Reproduce the lines below exactly. Begin with the first, end with the line containing "from ifc_brep_helpers import", and leave out the pictures.
>>>
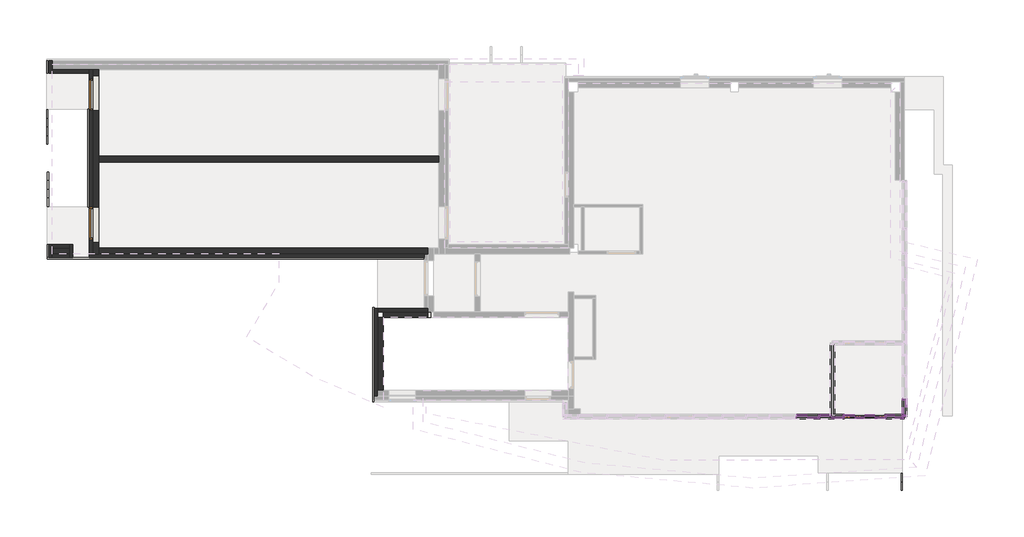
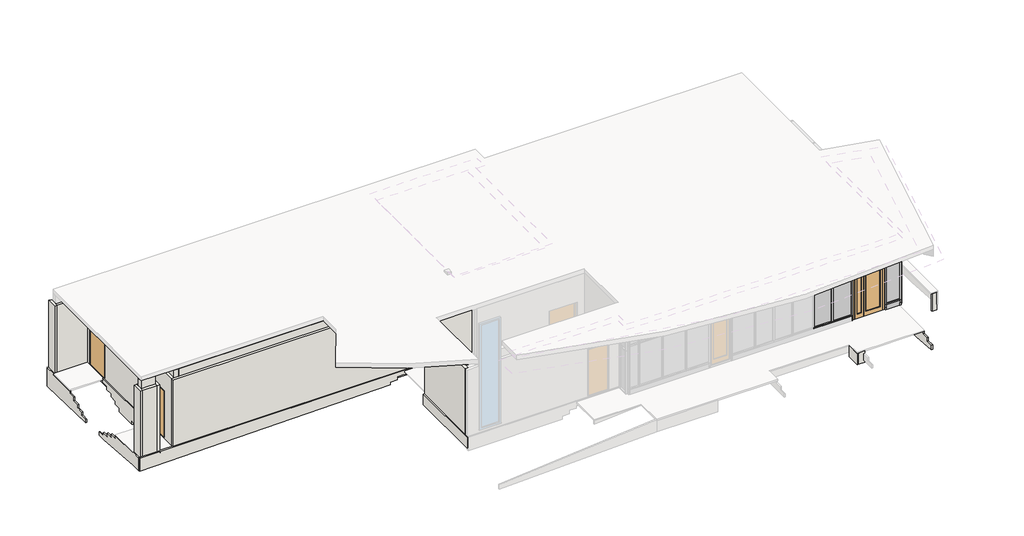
# One storey, part 2 of 4: 37 members, 25 walls, 10 plates, 3 doors.
"""IFC4 building model written with IfcOpenShell, lengths in millimetres."""

from ifc_helpers import new_model, si_unit, frame, origin, place, context, project, spatial, polyline, circle_curve, outline, extrude, faceted_brep, transform, mapped, element, save
from ifc_brep_helpers import plane_surface, cylinder_surface, advanced_brep
from components import door_2dab296f, door_a4a0d0d3, door_cfbb89e6, member_24ac0887, member_6e50c603, member_474f6dcf, member_cbae6808, member_bdea3084, member_61b3b229, member_1f1ab5e9, member_7164932b, member_728da853, member_65e6a114, member_e1845f1f, member_b1af7fba, member_6ffebc0f, member_5dbd0429, member_3eef92e2, member_550cda47, member_dfe3d6a4, member_004b0564, member_24efe938, member_14f10ac7, member_c7e1fe4c, member_457f9466, member_0d3281e4, member_32c4282c, member_044d981f, member_8a69f4a4, member_5b5377e9, plate_732bb6f4, plate_a8ff62f7, plate_88a3cac9, plate_20a5c04c, plate_8821ab84, plate_111b1b22, plate_83b13906, plate_796883d3, plate_dd9e7dd6

model = new_model("IFC4")

# Units and contexts
model_context = context("Model", 3, world=origin())
ifc_project = project(units=[si_unit("LENGTHUNIT", "METRE", prefix="MILLI")], contexts=[model_context])

# Site, building, storey
site = spatial("IfcSite", under=ifc_project)
building = spatial("IfcBuilding", under=site)
storey = spatial("IfcBuildingStorey", under=building, Name="Этаж 1", Elevation=0.0)

# Doors
placement = place(None, origin())
door_shape = door_2dab296f(model_context)
element("IfcDoor", 1, ObjectType="(Dr)_ДПУ(распашная)_2Ст_Прямоугольная : (Нр)-ДО(1380х2165(h))", at=placement, inside=storey, context=model_context, shape_type="MappedRepresentation", body=[
    mapped(door_shape, transform((26221.8862538, -895.4505288, -50.0), x_axis=(-1.0, 0.0, 0.0), y_axis=(0.0, -1.0, 0.0), z_axis=(0.0, 0.0, 1.0))),
])
door_2_shape = door_a4a0d0d3(model_context)
element("IfcDoor", 2, ObjectType="(Dr)_ДУ(распашная)_1Ст_Прямоугольная : (Нр)_ДГ(1.10х2.1(h))", at=placement, inside=storey, context=model_context, shape_type="MappedRepresentation", body=[
    mapped(door_2_shape, transform((-260.0, 10140.0, 0.0), x_axis=(0.0, 1.0, 0.0), y_axis=(-1.0, 0.0, 0.0), z_axis=(0.0, 0.0, 1.0))),
])
door_3_shape = door_cfbb89e6(model_context)
element("IfcDoor", 3, ObjectType="(Dr)_ДУ(распашная)_1Ст_Прямоугольная : (Нр)_ДГ(1.10х2.1(h))", at=placement, inside=storey, context=model_context, shape_type="MappedRepresentation", body=[
    mapped(door_3_shape, transform((-260.0, 5730.0000376, 0.0), x_axis=(0.0, 1.0, 0.0), y_axis=(-1.0, 0.0, 0.0), z_axis=(0.0, 0.0, 1.0))),
])

# Members
member_shape = member_24ac0887(model_context)
element("IfcMember", 4, ObjectType="Прямоугольный импост : 50х150мм", at=placement, inside=storey, context=model_context, shape_type="MappedRepresentation", body=[
    mapped(member_shape, transform((25117.9914484, -895.4505288, 3300.0), x_axis=(0.0, -1.0, 0.0), y_axis=(1.0, 0.0, 0.0), z_axis=(0.0, 0.0, 1.0))),
])
member_2_shape = member_6e50c603(model_context)
element("IfcMember", 5, ObjectType="Прямоугольный импост : 50х150мм", at=placement, inside=storey, context=model_context, shape_type="MappedRepresentation", body=[
    mapped(member_2_shape, transform((25117.9914484, -845.4505288, -50.0), x_axis=(0.0, 0.0, -1.0), y_axis=(1.0, 0.0, 0.0), z_axis=(0.0, -1.0, 0.0))),
])
member_3_shape = member_474f6dcf(model_context)
element("IfcMember", 6, ObjectType="Прямоугольный импост : 50х150мм", at=placement, inside=storey, context=model_context, shape_type="MappedRepresentation", body=[
    mapped(member_3_shape, transform((25481.8862538, -895.4505288, 2140.0), x_axis=(0.0, 0.0, 1.0), y_axis=(0.0, -1.0, 0.0), z_axis=(1.0, 0.0, 0.0))),
])
member_4_shape = member_cbae6808(model_context)
element("IfcMember", 7, ObjectType="Прямоугольный импост : 50х150мм", at=placement, inside=storey, context=model_context, shape_type="MappedRepresentation", body=[
    mapped(member_4_shape, transform((25481.8862538, -895.4505288, 3300.0), x_axis=(0.0, 0.0, 1.0), y_axis=(0.0, -1.0, 0.0), z_axis=(1.0, 0.0, 0.0))),
])
member_5_shape = member_bdea3084(model_context)
element("IfcMember", 8, ObjectType="Прямоугольный импост : 50х150мм", at=placement, inside=storey, context=model_context, shape_type="MappedRepresentation", body=[
    mapped(member_5_shape, transform((26911.8862538, -895.4505288, 2140.0), x_axis=(0.0, 0.0, 1.0), y_axis=(0.0, -1.0, 0.0), z_axis=(1.0, 0.0, 0.0))),
])
member_6_shape = member_61b3b229(model_context)
element("IfcMember", 9, ObjectType="Прямоугольный импост : 50х150мм", at=placement, inside=storey, context=model_context, shape_type="MappedRepresentation", body=[
    mapped(member_6_shape, transform((26911.8862538, -895.4505288, 3300.0), x_axis=(0.0, 0.0, 1.0), y_axis=(0.0, -1.0, 0.0), z_axis=(1.0, 0.0, 0.0))),
])
member_7_shape = member_1f1ab5e9(model_context)
element("IfcMember", 10, ObjectType="Прямоугольный импост : 50х150мм", at=placement, inside=storey, context=model_context, shape_type="MappedRepresentation", body=[
    mapped(member_7_shape, transform((24657.9914484, -895.4505288, 2140.0), x_axis=(1.0, 0.0, 0.0), y_axis=(0.0, -1.0, 0.0), z_axis=(0.0, 0.0, -1.0))),
])
element("IfcMember", 11, ObjectType="Прямоугольный импост : 50х150мм", at=placement, inside=storey, context=model_context, shape_type="MappedRepresentation", body=[
    mapped(member_7_shape, transform((25506.8862538, -895.4505288, 2140.0), x_axis=(1.0, 0.0, 0.0), y_axis=(0.0, -1.0, 0.0), z_axis=(0.0, 0.0, -1.0))),
])
element("IfcMember", 12, ObjectType="Прямоугольный импост : 50х150мм", at=placement, inside=storey, context=model_context, shape_type="MappedRepresentation", body=[
    mapped(member_7_shape, transform((26936.8862538, -895.4505288, 2140.0), x_axis=(1.0, 0.0, 0.0), y_axis=(0.0, -1.0, 0.0), z_axis=(0.0, 0.0, -1.0))),
])
element("IfcMember", 13, ObjectType="Прямоугольный импост : 50х150мм", at=placement, inside=storey, context=model_context, shape_type="MappedRepresentation", body=[
    mapped(member_7_shape, transform((27587.9990554, -295.4505288, 2140.0), x_axis=(0.0, 1.0, 0.0), y_axis=(1.0, 0.0, 0.0), z_axis=(0.0, 0.0, -1.0))),
])
member_8_shape = member_7164932b(model_context)
element("IfcMember", 14, ObjectType="Прямоугольный импост : 50х150мм", at=placement, inside=storey, context=model_context, shape_type="MappedRepresentation", body=[
    mapped(member_8_shape, transform((27587.9990554, -295.4505288, 165.0), x_axis=(0.0, 1.0, 0.0), y_axis=(1.0, 0.0, 0.0), z_axis=(0.0, 0.0, -1.0))),
])
member_9_shape = member_728da853(model_context)
element("IfcMember", 15, ObjectType="Прямоугольный импост : 50х150мм", at=placement, inside=storey, context=model_context, shape_type="MappedRepresentation", body=[
    mapped(member_9_shape, transform((25506.8862538, -895.4505288, 190.0), x_axis=(1.0, 0.0, 0.0), y_axis=(0.0, -1.0, 0.0), z_axis=(0.0, 0.0, -1.0))),
])
element("IfcMember", 16, ObjectType="Прямоугольный импост : 50х150мм", at=placement, inside=storey, context=model_context, shape_type="MappedRepresentation", body=[
    mapped(member_9_shape, transform((26936.8862538, -895.4505288, 190.0), x_axis=(1.0, 0.0, 0.0), y_axis=(0.0, -1.0, 0.0), z_axis=(0.0, 0.0, -1.0))),
])
member_10_shape = member_65e6a114(model_context)
element("IfcMember", 17, ObjectType="Прямоугольный импост : 50х150мм", at=placement, inside=storey, context=model_context, shape_type="MappedRepresentation", body=[
    mapped(member_10_shape, transform((27587.9990554, -895.4505288, 3300.0), x_axis=(0.0, -1.0, 0.0), y_axis=(1.0, 0.0, 0.0), z_axis=(0.0, 0.0, 1.0))),
])
element("IfcMember", 18, ObjectType="Прямоугольный импост : 50х150мм", at=placement, inside=storey, context=model_context, shape_type="MappedRepresentation", body=[
    mapped(member_10_shape, transform((27587.9990554, -895.4505288, 2140.0), x_axis=(1.0, 0.0, 0.0), y_axis=(0.0, -1.0, 0.0), z_axis=(0.0, 0.0, -1.0))),
])
member_11_shape = member_e1845f1f(model_context)
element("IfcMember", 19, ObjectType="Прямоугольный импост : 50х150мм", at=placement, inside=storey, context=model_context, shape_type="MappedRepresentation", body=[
<<<
◆ **Task output**
# One storey, part 2 of 4: 37 members, 25 walls, 10 plates, 3 doors.
"""IFC4 building model written with IfcOpenShell, lengths in millimetres."""

from ifc_helpers import new_model, si_unit, frame, origin, place, context, project, spatial, polyline, circle_curve, outline, extrude, faceted_brep, transform, mapped, element, save
from ifc_brep_helpers import plane_surface, cylinder_surface, advanced_brep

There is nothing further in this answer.